Despidos procedentes

Cuando se despide a un trabajador es como si algo se rompiera en el equilibrio social porque el patrono comete un acto cruel y el empleado se llena de amargura. El despido emborrona la sociedad y lleva la angustia a las familias. Por eso, si hubiera justicia, nadie podría despedir más que a su primo cuando toma el tren o a su cuñada cuando va a las aguas a quitar o mermar mantecas. Estos sí son  despidos civilizados porque hay en ellos lágrimas de ternura, hipidos de afecto, deseos de ventura. Y la gran alegría que a todo ser prudente y moderado produce ver alejarse al pelmazo del pariente.

Hay otros despidos que también son buenos y están justificados. El primero de ellos fue el de Dios cuando despidió del Paraíso a nuestros primeros padres que allá estaban tan bien, en aquél jardín regado por la infinita bondad del Creador, con tantas azucenas y tantos pajaritos de colores. Quizás para algunas personas pueda ser un poco aburrido un sitio tan bello porque al hombre lo que le gusta son las ciudades y las motos, las carreras de caballos y las quinielas. Allí no había más que una armonía tan tediosa que produjo enormes bostezos a Adán y a Eva y por eso comieron del fruto del único árbol que les estaba prohibido. Es decir, que tuvieron una tentación y quedaron atrapados por su dulce encanto, como si hubieran leído a Oscar Wilde (a lo mejor, en efecto, lo habían leído), quien dejó escrito que «lo mejor que se puede hacer con la tentación es caer en ella«. Pero es lógico que Dios les despidiera, por no haber sabido aprovechar tanta dulzura y, sobre todo, por soñar: por soñar con un mundo de restaurantes, de taxis y de conciertos de jazz.

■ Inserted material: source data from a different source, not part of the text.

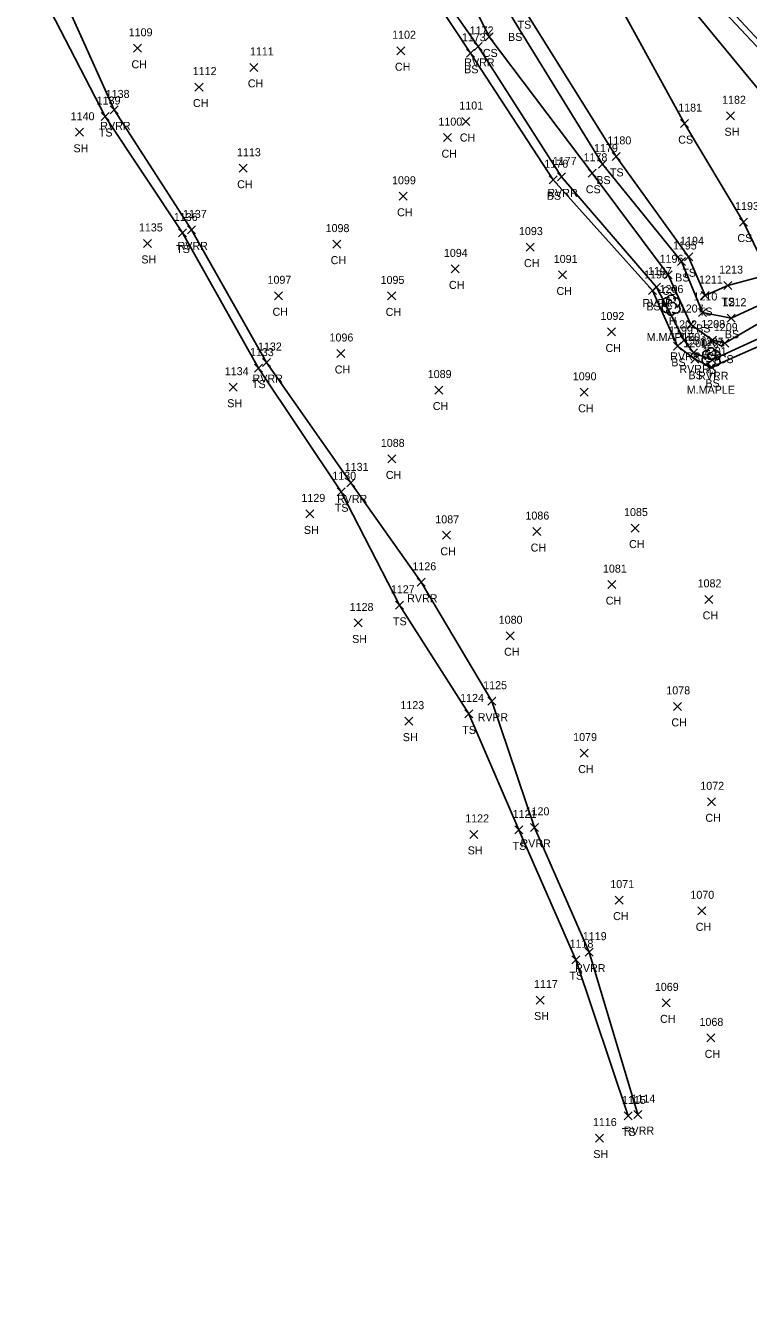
# Model space of a CAD drawing. Extents: x 1469310 to 1475157, y 493997 to 498873.
# Drawn here: x 1469317.8 to 1469498.4, y 498333.7 to 498651.4 of the extents above; entities that cross this region are included whole.
import ezdxf

# ---------------------------------------------------------------- set-up
doc = ezdxf.new("R2010")
doc.units = 0
for name, color, linetype in [('L_A', 7, 'Continuous'), ('L_C', 7, 'Continuous'), ('L_I', 7, 'Continuous'), ('L_TIC', 7, 'Continuous'), ('LAWE', 7, 'Continuous'), ('LELB', 7, 'Continuous'), ('LTD', 7, 'Continuous'), ('PEU', 7, 'Continuous')]:
    doc.layers.add(name, color=color, linetype=linetype)

msp = doc.modelspace()

# ---------------------------------------------------------------- linework, layer by layer
at = {"layer": 'L_TIC'}
for points in [[(1469432.57, 498647.51), (1469434.57, 498649.51)], [(1469434.57, 498647.51), (1469432.57, 498649.51)], [(1469344.77, 498644.67), (1469346.77, 498646.67)], [(1469346.77, 498644.67), (1469344.77, 498646.67)], [(1469410.56, 498644.06), (1469412.56, 498646.06)], [(1469412.56, 498644.06), (1469410.56, 498646.06)], [(1469427.9, 498643.42), (1469429.9, 498645.42)], [(1469429.9, 498643.42), (1469427.9, 498645.42)], [(1469429.85, 498645.13), (1469431.85, 498647.13)], [(1469431.85, 498645.13), (1469429.85, 498647.13)], [(1469373.84, 498639.9), (1469375.84, 498641.9)], [(1469375.84, 498639.9), (1469373.84, 498641.9)], [(1469360.12, 498634.98), (1469362.12, 498636.98)], [(1469362.12, 498634.98), (1469360.12, 498636.98)], [(1469336.69, 498627.62), (1469338.69, 498629.62)], [(1469338.69, 498627.62), (1469336.69, 498629.62)], [(1469338.95, 498629.27), (1469340.95, 498631.27)], [(1469340.95, 498629.27), (1469338.95, 498631.27)], [(1469426.78, 498626.37), (1469428.78, 498628.37)], [(1469428.78, 498626.37), (1469426.78, 498628.37)], [(1469492.89, 498627.81), (1469494.89, 498629.81)], [(1469494.89, 498627.81), (1469492.89, 498629.81)], [(1469330.28, 498623.68), (1469332.28, 498625.68)], [(1469332.28, 498623.68), (1469330.28, 498625.68)], [(1469481.37, 498625.84), (1469483.37, 498627.84)], [(1469483.37, 498625.84), (1469481.37, 498627.84)], [(1469422.21, 498622.34), (1469424.21, 498624.34)], [(1469424.21, 498622.34), (1469422.21, 498624.34)], [(1469464.35, 498617.65), (1469466.35, 498619.65)], [(1469466.35, 498617.65), (1469464.35, 498619.65)], [(1469371.16, 498614.69), (1469373.16, 498616.69)], [(1469373.16, 498614.69), (1469371.16, 498616.69)], [(1469460.92, 498615.73), (1469462.92, 498617.73)], [(1469462.92, 498615.73), (1469460.92, 498617.73)], [(1469448.54, 498611.82), (1469450.54, 498613.82)], [(1469450.54, 498611.82), (1469448.54, 498613.82)], [(1469450.62, 498612.53), (1469452.62, 498614.53)], [(1469452.62, 498612.53), (1469450.62, 498614.53)], [(1469458.29, 498613.44), (1469460.29, 498615.44)], [(1469460.29, 498613.44), (1469458.29, 498615.44)], [(1469411.11, 498607.69), (1469413.11, 498609.69)], [(1469413.11, 498607.69), (1469411.11, 498609.69)], [(1469496.15, 498601.25), (1469498.15, 498603.25)], [(1469498.15, 498601.25), (1469496.15, 498603.25)], [(1469356.01, 498598.52), (1469358.01, 498600.52)], [(1469358.01, 498598.52), (1469356.01, 498600.52)], [(1469358.23, 498599.28), (1469360.23, 498601.28)], [(1469360.23, 498599.28), (1469358.23, 498601.28)], [(1469347.23, 498595.9), (1469349.23, 498597.9)], [(1469349.23, 498595.9), (1469347.23, 498597.9)], [(1469394.52, 498595.73), (1469396.52, 498597.73)], [(1469396.52, 498595.73), (1469394.52, 498597.73)], [(1469442.8, 498594.99), (1469444.8, 498596.99)], [(1469444.8, 498594.99), (1469442.8, 498596.99)], [(1469480.61, 498591.39), (1469482.61, 498593.39)], [(1469482.61, 498591.39), (1469480.61, 498593.39)], [(1469482.42, 498592.57), (1469484.42, 498594.57)], [(1469484.42, 498592.57), (1469482.42, 498594.57)], [(1469424.06, 498589.54), (1469426.06, 498591.54)], [(1469426.06, 498589.54), (1469424.06, 498591.54)], [(1469450.92, 498588.02), (1469452.92, 498590.02)], [(1469452.92, 498588.02), (1469450.92, 498590.02)], [(1469474.38, 498585.01), (1469476.38, 498587.01)], [(1469476.38, 498585.01), (1469474.38, 498587.01)], [(1469477.33, 498588.06), (1469479.33, 498590.06)], [(1469479.33, 498588.06), (1469477.33, 498590.06)], [(1469492.17, 498585.36), (1469494.17, 498587.36)], [(1469494.17, 498585.36), (1469492.17, 498587.36)], [(1469380, 498582.82), (1469382, 498584.82)], [(1469382, 498582.82), (1469380, 498584.82)], [(1469408.24, 498582.79), (1469410.24, 498584.79)], [(1469410.24, 498582.79), (1469408.24, 498584.79)], [(1469473.41, 498584.16), (1469475.41, 498586.16)], [(1469475.41, 498584.16), (1469473.41, 498586.16)], [(1469486.55, 498582.88), (1469488.55, 498584.88)], [(1469488.55, 498582.88), (1469486.55, 498584.88)], [(1469485.84, 498578.65), (1469487.84, 498580.65)], [(1469487.84, 498578.65), (1469485.84, 498580.65)], [(1469482.97, 498575.63), (1469484.97, 498577.63)], [(1469484.97, 498575.63), (1469482.97, 498577.63)], [(1469493.02, 498577.22), (1469495.02, 498579.22)], [(1469495.02, 498577.22), (1469493.02, 498579.22)], [(1469463.17, 498573.78), (1469465.17, 498575.78)], [(1469465.17, 498573.78), (1469463.17, 498575.78)], [(1469479.64, 498570.19), (1469481.64, 498572.19)], [(1469481.64, 498570.19), (1469479.64, 498572.19)], [(1469481.32, 498571.69), (1469483.32, 498573.69)], [(1469483.32, 498571.69), (1469481.32, 498573.69)], [(1469488.34, 498571.76), (1469490.34, 498573.76)], [(1469490.34, 498571.76), (1469488.34, 498573.76)], [(1469491.49, 498570.98), (1469493.49, 498572.98)], [(1469493.49, 498570.98), (1469491.49, 498572.98)], [(1469376.97, 498566.13), (1469378.97, 498568.13)], [(1469378.97, 498566.13), (1469376.97, 498568.13)], [(1469395.54, 498568.4), (1469397.54, 498570.4)], [(1469397.54, 498568.4), (1469395.54, 498570.4)], [(1469483.59, 498568.54), (1469485.59, 498570.54)], [(1469485.59, 498568.54), (1469483.59, 498570.54)], [(1469483.92, 498566.97), (1469485.92, 498568.97)], [(1469485.92, 498566.97), (1469483.92, 498568.97)], [(1469488.26, 498566.84), (1469490.26, 498568.84)], [(1469490.26, 498566.84), (1469488.26, 498568.84)], [(1469374.95, 498564.74), (1469376.95, 498566.74)], [(1469376.95, 498564.74), (1469374.95, 498566.74)], [(1469488.16, 498564.96), (1469490.16, 498566.96)], [(1469490.16, 498564.96), (1469488.16, 498566.96)], [(1469368.69, 498559.97), (1469370.69, 498561.97)], [(1469370.69, 498559.97), (1469368.69, 498561.97)], [(1469420.03, 498559.26), (1469422.03, 498561.26)], [(1469422.03, 498559.26), (1469420.03, 498561.26)], [(1469456.33, 498558.7), (1469458.33, 498560.7)], [(1469458.33, 498558.7), (1469456.33, 498560.7)], [(1469408.3, 498542.05), (1469410.3, 498544.05)], [(1469410.3, 498542.05), (1469408.3, 498544.05)], [(1469398.07, 498536.07), (1469400.07, 498538.07)], [(1469400.07, 498536.07), (1469398.07, 498538.07)], [(1469395.62, 498533.84), (1469397.62, 498535.84)], [(1469397.62, 498533.84), (1469395.62, 498535.84)], [(1469387.83, 498528.31), (1469389.83, 498530.31)], [(1469389.83, 498528.31), (1469387.83, 498530.31)], [(1469469.05, 498524.77), (1469471.05, 498526.77)], [(1469471.05, 498524.77), (1469469.05, 498526.77)], [(1469421.91, 498522.96), (1469423.91, 498524.96)], [(1469423.91, 498522.96), (1469421.91, 498524.96)], [(1469444.47, 498523.89), (1469446.47, 498525.89)], [(1469446.47, 498523.89), (1469444.47, 498525.89)], [(1469415.6, 498511.22), (1469417.6, 498513.22)], [(1469417.6, 498511.22), (1469415.6, 498513.22)], [(1469463.22, 498510.64), (1469465.22, 498512.64)], [(1469465.22, 498510.64), (1469463.22, 498512.64)], [(1469487.42, 498506.95), (1469489.42, 498508.95)], [(1469489.42, 498506.95), (1469487.42, 498508.95)], [(1469410.17, 498505.47), (1469412.17, 498507.47)], [(1469412.17, 498505.47), (1469410.17, 498507.47)], [(1469399.88, 498501.05), (1469401.88, 498503.05)], [(1469401.88, 498501.05), (1469399.88, 498503.05)], [(1469437.84, 498497.86), (1469439.84, 498499.86)], [(1469439.84, 498497.86), (1469437.84, 498499.86)], [(1469433.22, 498481.51), (1469435.22, 498483.51)], [(1469435.22, 498481.51), (1469433.22, 498483.51)], [(1469479.61, 498480.21), (1469481.61, 498482.21)], [(1469481.61, 498480.21), (1469479.61, 498482.21)], [(1469427.48, 498478.32), (1469429.48, 498480.32)], [(1469429.48, 498478.32), (1469427.48, 498480.32)], [(1469412.54, 498476.52), (1469414.54, 498478.52)], [(1469414.54, 498476.52), (1469412.54, 498478.52)], [(1469456.35, 498468.54), (1469458.35, 498470.54)], [(1469458.35, 498468.54), (1469456.35, 498470.54)], [(1469488.1, 498456.36), (1469490.1, 498458.36)], [(1469490.1, 498456.36), (1469488.1, 498458.36)], [(1469440.03, 498449.34), (1469442.03, 498451.34)], [(1469442.03, 498449.34), (1469440.03, 498451.34)], [(1469443.89, 498449.98), (1469445.89, 498451.98)], [(1469445.89, 498449.98), (1469443.89, 498451.98)], [(1469428.73, 498448.22), (1469430.73, 498450.22)], [(1469430.73, 498448.22), (1469428.73, 498450.22)], [(1469465.06, 498431.8), (1469467.06, 498433.8)], [(1469467.06, 498431.8), (1469465.06, 498433.8)], [(1469485.7, 498429.12), (1469487.7, 498431.12)], [(1469487.7, 498429.12), (1469485.7, 498431.12)], [(1469454.23, 498416.9), (1469456.23, 498418.9)], [(1469456.23, 498416.9), (1469454.23, 498418.9)], [(1469457.55, 498418.79), (1469459.55, 498420.79)], [(1469459.55, 498418.79), (1469457.55, 498420.79)], [(1469445.34, 498406.83), (1469447.34, 498408.83)], [(1469447.34, 498406.83), (1469445.34, 498408.83)], [(1469476.8, 498406.12), (1469478.8, 498408.12)], [(1469478.8, 498406.12), (1469476.8, 498408.12)], [(1469487.94, 498397.36), (1469489.94, 498399.36)], [(1469489.94, 498397.36), (1469487.94, 498399.36)], [(1469467.33, 498377.85), (1469469.33, 498379.85)], [(1469469.33, 498377.85), (1469467.33, 498379.85)], [(1469469.69, 498378.21), (1469471.69, 498380.21)], [(1469471.69, 498378.21), (1469469.69, 498380.21)], [(1469460.11, 498372.33), (1469462.11, 498374.33)], [(1469462.11, 498372.33), (1469460.11, 498374.33)]]:
    msp.add_lwpolyline(points, dxfattribs=at)
at = {"layer": 'LAWE'}
for points in [[(1469389.72, 498705.76), (1469405.14, 498682.89), (1469430.85, 498646.13), (1469451.62, 498613.53), (1469475.38, 498586.01), (1469482.32, 498572.69), (1469484.59, 498569.54), (1469489.26, 498567.84), (1469509.66, 498577.17), (1469522.84, 498580.18), (1469533.51, 498579.28), (1469530.31, 498572.64)], [(1469470.69, 498379.21), (1469458.55, 498419.79), (1469444.89, 498450.98), (1469434.22, 498482.51), (1469416.6, 498512.22), (1469399.07, 498537.07), (1469377.97, 498567.13), (1469359.23, 498600.28), (1469339.95, 498630.27), (1469322.53, 498669.03)]]:
    msp.add_lwpolyline(points, dxfattribs=at)
at = {"layer": 'LELB'}
for points in [[(1469416.82, 498734.31), (1469446.33, 498703.1), (1469470.89, 498677.65), (1469509.28, 498636.71), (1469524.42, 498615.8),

Pero hay más despidos correctos. Así, cuando un pueblo destrona a un rey, comete el despido que podríamos llamar coronado, un despido majestuoso y de muchos perendengues. El paisano que toma parte en un sarao de estos no lo olvida nunca y todavía vive algún viejecito que recuerda cómo en abril del año 1931 gritaba por las calles de Madrid aquello de «no se ha ido que le hemos echao«. Lo mismo ocurre con un dictador de esos que se lavan las manos por la mañana con la sangre del hígado de un disidente y por la tarde asesinan un rato corto pero deprisa y entonado para no llegar tarde a la partida de dominó. Estos son despidos de mucho aplauso, de mucho regocijo, son una suerte de magnicidios a medio camino que es como deben ser los magnicidios pues hacen el daño justo que es el bueno.

 

Todo este discurrir acerca de los despidos viene a cuento porque hace poco un juez ha declarado procedente el despido de una trabajadora por «negarse a echar las cartas bajo el método del Tarot» (el hecho ha ocurrido en Valladolid) y otro empleado fue despedido del Ayuntamiento donde trabajaba «por no ser pariente de ninguna persona relacionada con el Ayuntamiento» (lo que ha tenido lugar en la provincia de Burgos). ¿Son estos despidos de los que he llamado justificados o son, por el contrario, injustos y lacerantes?

 

Esta es la cuestión que cada uno debe responder de la mejor manera, sin pasión pero con conciencia de la gravedad del debate. Para mí, el asunto es claro: estas dos personas despedidas lo han sido con toda justicia. En el primer caso, el del Tarot, es evidente que alguien que se niega a echar las cartas de acuerdo con el método más celebrado y más fiable de cuantos existen en el arte de la cartomancia, no es digno de respeto. Porque una de dos: o es que desconoce el Tarot, lo que no tiene disculpa, o es que, conociéndolo, se niega a usarlo, lo cual es, si cabe, peor. De donde se sigue la justicia irreprochable administrada por el juez de Valladolid.

 

¿Qué decir del pobre empleado que no tiene pariente alguno en el Ayuntamiento al cual prestaba sus servicios? Un hombre en estas condiciones ¿a qué aspira? ¿con quién pretende ir a tomar el café por las mañanas? ¿qué lazos puede anudar con los otros empleados? ¿el de la simple camaradería? Estas son ya preguntas inquietantes pero aún lo es más la siguiente: ¿de dónde procede? ¿quiénes son en realidad sus familiares? ¿puede otorgarse la confianza a un hombre que no tiene ningún primo en el escalafón de un Ayuntamiento? ¿cuáles son entonces sus orígenes? Sin duda, oscuros y, de ahí, su interés en ocultarlos. Porque, si así no fuera, ¿qué trabajo le hubiera costado buscarse unos parientes sólidamente municipales? Cada uno de nosotros, en los momentos cumbres de nuestras vidas, inventamos o recreamos nuestros orígenes, nuestros antepasados, para salir favorecidos en la estampa de la sociedad. El Gotha no es más que un plausible e inofensivo esfuerzo de la imaginación. Ese empleado burgalés no merece sino la aflicción del paro: por no tener parientes y, encima, por no saber inventarlos.

 

En ambos casos se ha hecho justicia y se ha cumplido la vieja maldición bíblica: ¡Maldito sea quien se conduzca por la vida sin una sólida formación en achaques de Tarot! ¡maldito quien carezca en su linaje de media docena de funcionarios convictos!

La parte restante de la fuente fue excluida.